Basic Probability Rules: And Or and Not

All of probability theory builds from three operations: AND (both events), OR (at least one), and NOT (neither). These rules have precise mathematical forms, and getting them right — especially the OR rule's overlap correction — is where beginners most often go wrong.

Basic Probability Rules: And Or and Not | Ideasthesia

Three axioms. That's all.

From three simple statements—probabilities are non-negative, certainty has probability 1, mutually exclusive events add—everything else follows. Conditional probability, independence, Bayes' theorem, the entire machinery of statistics.

This article covers the working rules derived from those axioms. Master these, and you can calculate probabilities for any situation.

The Complement Rule

The probability of something not happening is 1 minus the probability it happens:

P(not A) = 1 - P(A)

This seems trivial. It isn't. "Not" calculations are often easier than direct ones.

Example: What's the probability of getting at least one head in five coin flips?

Direct calculation: Count outcomes with 1 head, 2 heads, 3, 4, 5. That's messy.

Complement: What's the probability of no heads? P(all tails) = (1/2)⁵ = 1/32

So: P(at least one head) = 1 - 1/32 = 31/32 ≈ 0.97

The complement trick turns hard problems easy.

The Addition Rule

For any two events A and B:

P(A or B) = P(A) + P(B) - P(A and B)

Why subtract the intersection? Because when you add P(A) and P(B), outcomes in both A and B get counted twice.

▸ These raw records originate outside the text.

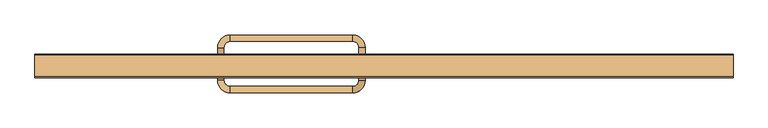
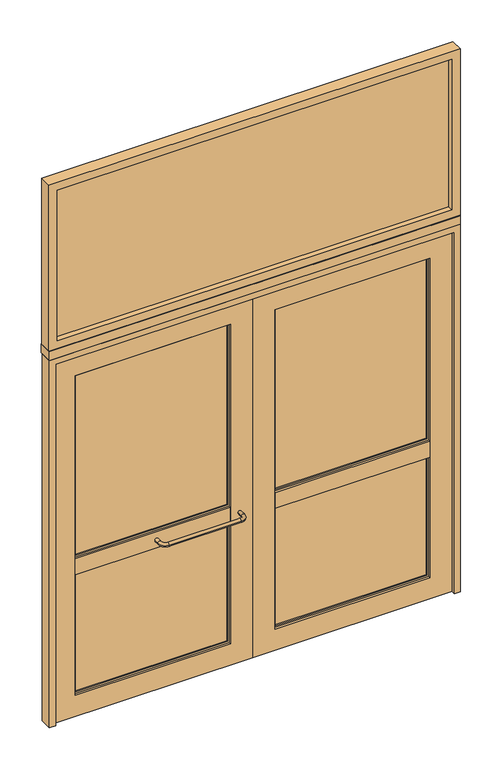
"""IFC4 building model written with IfcOpenShell, lengths in millimetres: door geometry, A1 Puerta batiente doble  VF superior : A1.1 Puerta batiente doble  VF superior 222x310."""

from ifc_helpers import new_model, si_unit, point, frame, origin, place, context, project, spatial, polyline, circle_curve, ellipse_curve, trimmed, outline, extrude, source, transform, mapped, element, save
from ifc_brep_helpers import plane_surface, cylinder_surface, revolved_surface, advanced_brep


def door_4a2cc50b(model_context):
    return source(origin(), model_context, "Body", "SolidModel", [
        advanced_brep(
        [(-80.0, -15.5, 855.0), (-60.0, -15.5, 855.0), (-60.0, -45.5, 855.0), (-80.0, -45.5, 855.0), (-100.0, -65.5, 855.0), (-100.0, -85.5, 855.0), (-490.0, -85.5, 855.0), (-490.0, -65.5, 855.0), (-510.0, -45.5, 855.0), (-530.0, -45.5, 855.0), (-510.0, -15.5, 855.0), (-530.0, -15.5, 855.0)],
        [
            (0, 1, circle_curve(frame((-70.0, -15.5, 855.0), z_axis=(0.0, 1.0, 0.0), x_axis=(1.0, 0.0, 0.0)), 10.0)),
            (1, 0, circle_curve(frame((-70.0, -15.5, 855.0), z_axis=(0.0, 1.0, 0.0), x_axis=(1.0, 0.0, 0.0)), 10.0)),
            (1, 2),
            (2, 3, circle_curve(frame((-70.0, -45.5, 855.0), z_axis=(0.0, 1.0, 0.0), x_axis=(1.0, 0.0, 0.0)), 10.0)),
            (3, 0),
            (3, 2, circle_curve(frame((-70.0, -45.5, 855.0), z_axis=(0.0, 1.0, 0.0), x_axis=(1.0, 0.0, 0.0)), 10.0)),
            (4, 3, circle_curve(frame((-100.0, -45.5, 855.0), z_axis=(0.0, 0.0, 1.0), x_axis=(1.0, 0.0, 0.0)), 20.0)),
            (2, 5, circle_curve(frame((-100.0, -45.5, 855.0), z_axis=(0.0, 0.0, -1.0), x_axis=(1.0, 0.0, 0.0)), 40.0)),
            (5, 4, circle_curve(frame((-100.0, -75.5, 855.0), z_axis=(1.0, 0.0, 0.0), x_axis=(0.0, -1.0, 0.0)), 10.0)),
            (4, 5, circle_curve(frame((-100.0, -75.5, 855.0), z_axis=(1.0, 0.0, 0.0), x_axis=(0.0, -1.0, 0.0)), 10.0)),
            (5, 6),
            (6, 7, circle_curve(frame((-490.0, -75.5, 855.0), z_axis=(1.0, 0.0, 0.0), x_axis=(0.0, -1.0, 0.0)), 10.0)),
            (7, 4),
            (7, 6, circle_curve(frame((-490.0, -75.5, 855.0), z_axis=(1.0, 0.0, 0.0), x_axis=(0.0, -1.0, 0.0)), 10.0)),
            (8, 7, circle_curve(frame((-490.0, -45.5, 855.0), z_axis=(0.0, 0.0, 1.0), x_axis=(0.0, -1.0, 0.0)), 20.0)),
            (6, 9, circle_curve(frame((-490.0, -45.5, 855.0), z_axis=(0.0, 0.0, -1.0), x_axis=(0.0, -1.0, 0.0)), 40.0)),
            (9, 8, circle_curve(frame((-520.0, -45.5, 855.0), z_axis=(0.0, -1.0, 0.0), x_axis=(-1.0, 0.0, 0.0)), 10.0)),
            (8, 9, circle_curve(frame((-520.0, -45.5, 855.0), z_axis=(0.0, -1.0, 0.0), x_axis=(-1.0, 0.0, 0.0)), 10.0)),
            (10, 11, circle_curve(frame((-520.0, -15.5, 855.0), z_axis=(0.0, 1.0, 0.0), x_axis=(-1.0, 0.0, 0.0)), 10.0)),
            (11, 10, circle_curve(frame((-520.0, -15.5, 855.0), z_axis=(0.0, 1.0, 0.0), x_axis=(-1.0, 0.0, 0.0)), 10.0)),
            (9, 11),
            (10, 8),
        ],
        [
            plane_surface(frame((-70.0, -15.5, 855.0), z_axis=(0.0, 1.0, 0.0), x_axis=(0.0, 0.0, 1.0))),
            cylinder_surface(frame((-70.0, -15.5, 855.0), z_axis=(0.0, 1.0, 0.0), x_axis=(1.0, 0.0, 0.0)), 10.0),
            revolved_surface(trimmed(ellipse_curve(frame((-70.0, -45.5, 855.0), z_axis=(0.0, 1.0, 0.0), x_axis=(1.0, 0.0, 0.0)), 10.0, 10.0), [point((-60.0, -45.5, 855.0))], [point((-80.0, -45.5, 855.0))], True, "CARTESIAN"), (-100.0, -45.5, 855.0), (0.0, 0.0, -1.0)),
            revolved_surface(trimmed(ellipse_curve(frame((-70.0, -45.5, 855.0), z_axis=(0.0, 1.0, 0.0), x_axis=(1.0, 0.0, 0.0)), 10.0, 10.0), [point((-80.0, -45.5, 855.0))], [point((-60.0, -45.5, 855.0))], True, "CARTESIAN"), (-100.0, -45.5, 855.0), (0.0, 0.0, -1.0)),
            cylinder_surface(frame((-100.0, -75.5, 855.0), z_axis=(1.0, 0.0, 0.0), x_axis=(0.0, -1.0, 0.0)), 10.0),
            revolved_surface(trimmed(ellipse_curve(frame((-490.0, -75.5, 855.0), z_axis=(1.0, 0.0, 0.0), x_axis=(0.0, -1.0, 0.0)), 10.0, 10.0), [point((-490.0, -85.5, 855.0))], [point((-490.0, -65.5, 855.0))], True, "CARTESIAN"), (-490.0, -45.5, 855.0), (0.0, 0.0, -1.0)),
            revolved_surface(trimmed(ellipse_curve(frame((-490.0, -75.5, 855.0), z_axis=(1.0, 0.0, 0.0), x_axis=(0.0, -1.0, 0.0)), 10.0, 10.0), [point((-490.0, -65.5, 855.0))], [point((-490.0, -85.5, 855.0))], True, "CARTESIAN"), (-490.0, -45.5, 855.0), (0.0, 0.0, -1.0)),
            plane_surface(frame((-520.0, -15.5, 855.0), z_axis=(0.0, 1.0, 0.0), x_axis=(0.0, 0.0, 1.0))),
            cylinder_surface(frame((-520.0, -45.5, 855.0), z_axis=(0.0, -1.0, 0.0), x_axis=(-1.0, 0.0, 0.0)), 10.0),
        ],
        [
            (0, [[1, 2]]),
            (1, [[-2, 3, 4, 5]]),
            (1, [[-1, -5, 6, -3]]),
            (2, [[7, -4, 8, 9]]),
            (3, [[-8, -6, -7, 10]]),
            (4, [[-9, 11, 12, 13]]),
            (4, [[-10, -13, 14, -11]]),
            (5, [[15, -12, 16, 17]]),
            (6, [[-16, -14, -15, 18]]),
            (7, [[19, 20]]),
            (8, [[-17, 21, -19, 22]]),
            (8, [[-18, -22, -20, -21]]),
        ],
    ),
        advanced_brep(
        [(-60.0, 28.5, 855.0), (-80.0, 28.5, 855.0), (-60.0, 58.5, 855.0), (-80.0, 58.5, 855.0), (-100.0, 78.5, 855.0), (-100.0, 98.5, 855.0), (-490.0, 98.5, 855.0), (-490.0, 78.5, 855.0), (-510.0, 58.5, 855.0), (-530.0, 58.5, 855.0), (-530.0, 28.5, 855.0), (-510.0, 28.5, 855.0)],
        [
            (0, 1, circle_curve(frame((-70.0, 28.5, 855.0), z_axis=(0.0, -1.0, 0.0), x_axis=(-1.0, 0.0, 0.0)), 10.0)),
            (1, 0, circle_curve(frame((-70.0, 28.5, 855.0), z_axis=(0.0, -1.0, 0.0), x_axis=(-1.0, 0.0, 0.0)), 10.0)),
            (0, 2),
            (2, 3, circle_curve(frame((-70.0, 58.5, 855.0), z_axis=(0.0, -1.0, 0.0), x_axis=(-1.0, 0.0, 0.0)), 10.0)),
            (3, 1),
            (3, 2, circle_curve(frame((-70.0, 58.5, 855.0), z_axis=(0.0, -1.0, 0.0), x_axis=(-1.0, 0.0, 0.0)), 10.0)),
            (4, 3, circle_curve(frame((-100.0, 58.5, 855.0), z_axis=(0.0, 0.0, -1.0), x_axis=(1.0, 0.0, 0.0)), 20.0)),
            (2, 5, circle_curve(frame((-100.0, 58.5, 855.0), z_axis=(0.0, 0.0, 1.0), x_axis=(1.0, 0.0, 0.0)), 40.0)),
            (5, 4, circle_curve(frame((-100.0, 88.5, 855.0), z_axis=(1.0, 0.0, 0.0), x_axis=(0.0, -1.0, 0.0)), 10.0)),
            (4, 5, circle_curve(frame((-100.0, 88.5, 855.0), z_axis=(1.0, 0.0, 0.0), x_axis=(0.0, -1.0, 0.0)), 10.0)),
            (5, 6),
            (6, 7, circle_curve(frame((-490.0, 88.5, 855.0), z_axis=(1.0, 0.0, 0.0), x_axis=(0.0, -1.0, 0.0)), 10.0)),
            (7, 4),
            (7, 6, circle_curve(frame((-490.0, 88.5, 855.0), z_axis=(1.0, 0.0, 0.0), x_axis=(0.0, -1.0, 0.0)), 10.0)),
            (8, 7, circle_curve(frame((-490.0, 58.5, 855.0), z_axis=(0.0, 0.0, -1.0), x_axis=(0.0, 1.0, 0.0)), 20.0)),
            (6, 9, circle_curve(frame((-490.0, 58.5, 855.0), z_axis=(0.0, 0.0, 1.0), x_axis=(0.0, 1.0, 0.0)), 40.0)),
            (9, 8, circle_curve(frame((-520.0, 58.5, 855.0), z_axis=(0.0, 1.0, 0.0), x_axis=(1.0, 0.0, 0.0)), 10.0)),
            (8, 9, circle_curve(frame((-520.0, 58.5, 855.0), z_axis=(0.0, 1.0, 0.0), x_axis=(1.0, 0.0, 0.0)), 10.0)),
            (10, 11, circle_curve(frame((-520.0, 28.5, 855.0), z_axis=(0.0, -1.0, 0.0), x_axis=(1.0, 0.0, 0.0)), 10.0)),
            (11, 10, circle_curve(frame((-520.0, 28.5, 855.0), z_axis=(0.0, -1.0, 0.0), x_axis=(1.0, 0.0, 0.0)), 10.0)),
            (9, 10),
            (11, 8),
        ],
        [
            plane_surface(frame((-70.0, 28.5, 855.0), z_axis=(0.0, -1.0, 0.0), x_axis=(0.0, 0.0, 1.0))),
            cylinder_surface(frame((-70.0, 28.5, 855.0), z_axis=(0.0, -1.0, 0.0), x_axis=(-1.0, 0.0, 0.0)), 10.0),
            revolved_surface(trimmed(ellipse_curve(frame((-70.0, 58.5, 855.0), z_axis=(0.0, -1.0, 0.0), x_axis=(-1.0, 0.0, 0.0)), 10.0, 10.0), [point((-60.0, 58.5, 855.0))], [point((-80.0, 58.5, 855.0))], True, "CARTESIAN"), (-100.0, 58.5, 855.0), (0.0, 0.0, 1.0)),
            revolved_surface(trimmed(ellipse_curve(frame((-70.0, 58.5, 855.0), z_axis=(0.0, -1.0, 0.0), x_axis=(-1.0, 0.0, 0.0)), 10.0, 10.0), [point((-80.0, 58.5, 855.0))], [point((-60.0, 58.5, 855.0))], True, "CARTESIAN"), (-100.0, 58.5, 855.0), (0.0, 0.0, 1.0)),
            cylinder_surface(frame((-100.0, 88.5, 855.0), z_axis=(1.0, 0.0, 0.0), x_axis=(0.0, -1.0, 0.0)), 10.0),
            revolved_surface(trimmed(ellipse_curve(frame((-490.0, 88.5, 855.0), z_axis=(1.0, 0.0, 0.0), x_axis=(0.0, -1.0, 0.0)), 10.0, 10.0), [point((-490.0, 98.5, 855.0))], [point((-490.0, 78.5, 855.0))], True, "CARTESIAN"), (-490.0, 58.5, 855.0), (0.0, 0.0, 1.0)),
            revolved_surface(trimmed(ellipse_curve(frame((-490.0, 88.5, 855.0), z_axis=(1.0, 0.0, 0.0), x_axis=(0.0, -1.0, 0.0)), 10.0, 10.0), [point((-490.0, 78.5, 855.0))], [point((-490.0, 98.5, 855.0))], True, "CARTESIAN"), (-490.0, 58.5, 855.0), (0.0, 0.0, 1.0)),
            plane_surface(frame((-520.0, 28.5, 855.0), z_axis=(0.0, -1.0, 0.0), x_axis=(0.0, 0.0, 1.0))),
            cylinder_surface(frame((-520.0, 58.5, 855.0), z_axis=(0.0, 1.0, 0.0), x_axis=(1.0, 0.0, 0.0)), 10.0),
        ],
        [
            (0, [[1, 2]]),
            (1, [[-1, 3, 4, 5]]),
            (1, [[-2, -5, 6, -3]]),
            (2, [[7, -4, 8, 9]]),
            (3, [[-8, -6, -7, 10]]),
            (4, [[-9, 11, 12, 13]]),
            (4, [[-10, -13, 14, -11]]),
            (5, [[15, -12, 16, 17]]),
            (6, [[-16, -14, -15, 18]]),
            (7, [[19, 20]]),
            (8, [[-17, 21, -20, 22]]),
            (8, [[-18, -22, -19, -21]]),
        ],
    ),
        extrude(outline(polyline([(1067.5, -3.0), (-1067.5, -3.0), (-1067.5, 3.0), (1067.5, 3.0), (1067.5, -3.0)])), frame((0.0, 0.0, 2195.0), z_axis=(0.0, 0.0, 1.0), x_axis=(1.0, 0.0, 0.0)), (0.0, 0.0, 1.0), 860.0),
        extrude(outline(polyline([(3100.0, -1112.5), (2150.0, -1112.5), (2150.0, 1112.5), (3100.0, 1112.5), (3100.0, -1112.5)]), holes=[polyline([(3055.0, -1067.5), (3055.0, 1067.5), (2195.0, 1067.5), (2195.0, -1067.5), (3055.0, -1067.5)])]), frame((0.0, -33.0, 0.0), z_axis=(0.0, 1.0, 0.0), x_axis=(0.0, 0.0, 1.0)), (0.0, 0.0, 1.0), 66.0),
        extrude(outline(polyline([(-130.0, 3.5), (-949.5, 3.5), (-949.5, 9.5), (-130.0, 9.5), (-130.0, 3.5)])), frame((0.0, 0.0, 910.0), z_axis=(0.0, 0.0, 1.0), x_axis=(1.0, 0.0, 0.0)), (0.0, 0.0, 1.0), 1027.0),
        extrude(outline(polyline([(-130.0, 3.5), (-949.5, 3.5), (-949.5, 9.5), (-130.0, 9.5), (-130.0, 3.5)])), frame((0.0, 0.0, 130.0), z_axis=(0.0, 0.0, 1.0), x_axis=(1.0, 0.0, 0.0)), (0.0, 0.0, 1.0), 670.0),
        extrude(outline(polyline([(1947.0, -959.5), (900.0, -959.5), (900.0, -120.0), (1947.0, -120.0), (1947.0, -959.5)]), holes=[polyline([(1937.0, -949.5), (1937.0, -130.0), (910.0, -130.0), (910.0, -949.5), (1937.0, -949.5)])]), frame((0.0, -3.5, 0.0), z_axis=(0.0, 1.0, 0.0), x_axis=(0.0, 0.0, 1.0)), (0.0, 0.0, 1.0), 20.0),
        extrude(outline(polyline([(810.0, -959.5), (120.0, -959.5), (120.0, -120.0), (810.0, -120.0), (810.0, -959.5)]), holes=[polyline([(800.0, -949.5), (800.0, -130.0), (130.0, -130.0), (130.0, -949.5), (800.0, -949.5)])]), frame((0.0, -3.5, 0.0), z_axis=(0.0, 1.0, 0.0), x_axis=(0.0, 0.0, 1.0)), (0.0, 0.0, 1.0), 20.0),
        extrude(outline(polyline([(-120.0, -15.5), (-959.5, -15.5), (-959.5, 28.5), (-120.0, 28.5), (-120.0, -15.5)])), frame((0.0, 0.0, 810.0), z_axis=(0.0, 0.0, 1.0), x_axis=(1.0, 0.0, 0.0)), (0.0, 0.0, 1.0), 90.0),
        extrude(outline(polyline([(2067.0, -1079.5), (0.0, -1079.5), (0.0, 0.0), (2067.0, 0.0), (2067.0, -1079.5)]), holes=[polyline([(1947.0, -959.5), (1947.0, -120.0), (120.0, -120.0), (120.0, -959.5), (1947.0, -959.5)])]), frame((0.0, -15.5, 0.0), z_axis=(0.0, 1.0, 0.0), x_axis=(0.0, 0.0, 1.0)), (0.0, 0.0, 1.0), 44.0),
        extrude(outline(polyline([(949.5, 3.5), (130.0, 3.5), (130.0, 9.5), (949.5, 9.5), (949.5, 3.5)])), frame((0.0, 0.0, 910.0), z_axis=(0.0, 0.0, 1.0), x_axis=(1.0, 0.0, 0.0)), (0.0, 0.0, 1.0), 1027.0),
        extrude(outline(polyline([(949.5, 3.5), (130.0, 3.5), (130.0, 9.5), (949.5, 9.5), (949.5, 3.5)])), frame((0.0, 0.0, 130.0), z_axis=(0.0, 0.0, 1.0), x_axis=(1.0, 0.0, 0.0)), (0.0, 0.0, 1.0), 670.0),
        extrude(outline(polyline([(1947.0, 120.0), (900.0, 120.0), (900.0, 959.5), (1947.0, 959.5), (1947.0, 120.0)]), holes=[polyline([(1937.0, 130.0), (1937.0, 949.5), (910.0, 949.5), (910.0, 130.0), (1937.0, 130.0)])]), frame((0.0, -3.5, 0.0), z_axis=(0.0, 1.0, 0.0), x_axis=(0.0, 0.0, 1.0)), (0.0, 0.0, 1.0), 20.0),
        extrude(outline(polyline([(810.0, 120.0), (120.0, 120.0), (120.0, 959.5), (810.0, 959.5), (810.0, 120.0)]), holes=[polyline([(800.0, 130.0), (800.0, 949.5), (130.0, 949.5), (130.0, 130.0), (800.0, 130.0)])]), frame((0.0, -3.5, 0.0), z_axis=(0.0, 1.0, 0.0), x_axis=(0.0, 0.0, 1.0)), (0.0, 0.0, 1.0), 20.0),
        extrude(outline(polyline([(959.5, -15.5), (120.0, -15.5), (120.0, 28.5), (959.5, 28.5), (959.5, -15.5)])), frame((0.0, 0.0, 810.0), z_axis=(0.0, 0.0, 1.0), x_axis=(1.0, 0.0, 0.0)), (0.0, 0.0, 1.0), 90.0),
        extrude(outline(polyline([(2067.0, 0.0), (0.0, 0.0), (0.0, 1079.5), (2067.0, 1079.5), (2067.0, 0.0)]), holes=[polyline([(1947.0, 120.0), (1947.0, 959.5), (120.0, 959.5), (120.0, 120.0), (1947.0, 120.0)])]), frame((0.0, -15.5, 0.0), z_axis=(0.0, 1.0, 0.0), x_axis=(0.0, 0.0, 1.0)), (0.0, 0.0, 1.0), 44.0),
        extrude(outline(polyline([(2100.0, 1112.5), (2100.0, -1112.5), (0.0, -1112.5), (0.0, -1079.5), (2067.0, -1079.5), (2067.0, 1079.5), (0.0, 1079.5), (0.0, 1112.5), (2100.0, 1112.5)])), frame((0.0, -37.5, 0.0), z_axis=(0.0, 1.0, 0.0), x_axis=(0.0, 0.0, 1.0)), (0.0, 0.0, 1.0), 66.0),
        extrude(outline(polyline([(1112.5, -37.5), (-1112.5, -37.5), (-1112.5, 37.5), (1112.5, 37.5), (1112.5, -37.5)])), frame((0.0, 0.0, 2100.0), z_axis=(0.0, 0.0, 1.0), x_axis=(1.0, 0.0, 0.0)), (0.0, 0.0, 1.0), 50.0),
    ])


if __name__ == "__main__":
    model = new_model("IFC4")
    model_context = context("Model", 3, world=origin())
    ifc_project = project(units=[si_unit("LENGTHUNIT", "METRE", prefix="MILLI")], contexts=[model_context])
    site = spatial("IfcSite", under=ifc_project)
    building = spatial("IfcBuilding", under=site)
    placement = place(None, origin())
    door_shape = door_4a2cc50b(model_context)
    element("IfcDoor", 1, ObjectType="A1 Puerta batiente doble  VF superior : A1.1 Puerta batiente doble  VF superior 222x310", at=placement, inside=building, context=model_context, shape_type="MappedRepresentation", body=[
        mapped(door_shape, transform((0.0, 0.0, 0.0), x_axis=(1.0, 0.0, 0.0), y_axis=(0.0, 1.0, 0.0), z_axis=(0.0, 0.0, 1.0))),
    ])
    save(model, "model.ifc")

Example: Drawing a card. What's P(heart or face card)?

P(heart) = 13/52 P(face card) = 12/52 (3 per suit × 4 suits) P(heart AND face card) = 3/52 (J, Q, K of hearts)

P(heart or face card) = 13/52 + 12/52 - 3/52 = 22/52 ≈ 0.42

Special case—mutually exclusive events:

If A and B can't both happen, P(A and B) = 0, so:

P(A or B) = P(A) + P(B)

Rolling a 2 or 5 on a die: P(2 or 5) = 1/6 + 1/6 = 2/6 = 1/3

The Multiplication Rule

For any two events:

P(A and B) = P(A) × P(B | A)

The probability of both happening equals the probability of the first times the probability of the second given the first occurred.

Example: Drawing two cards without replacement. What's P(both aces)?

P(first ace) = 4/52 P(second ace | first was ace) = 3/51 (three aces left in 51 remaining cards)

P(both aces) = 4/52 × 3/51 = 12/2652 ≈ 0.0045

Independence

Two events are independent if knowing one occurred doesn't change the probability of the other:

P(A | B) = P(A)

Equivalently: P(A and B) = P(A) × P(B)

Examples of independent events:

Two coin flips
Two dice rolls
Separate random samples

Examples of dependent events:

Drawing cards without replacement (what's left affects probabilities)
Weather on consecutive days (today's weather affects tomorrow's)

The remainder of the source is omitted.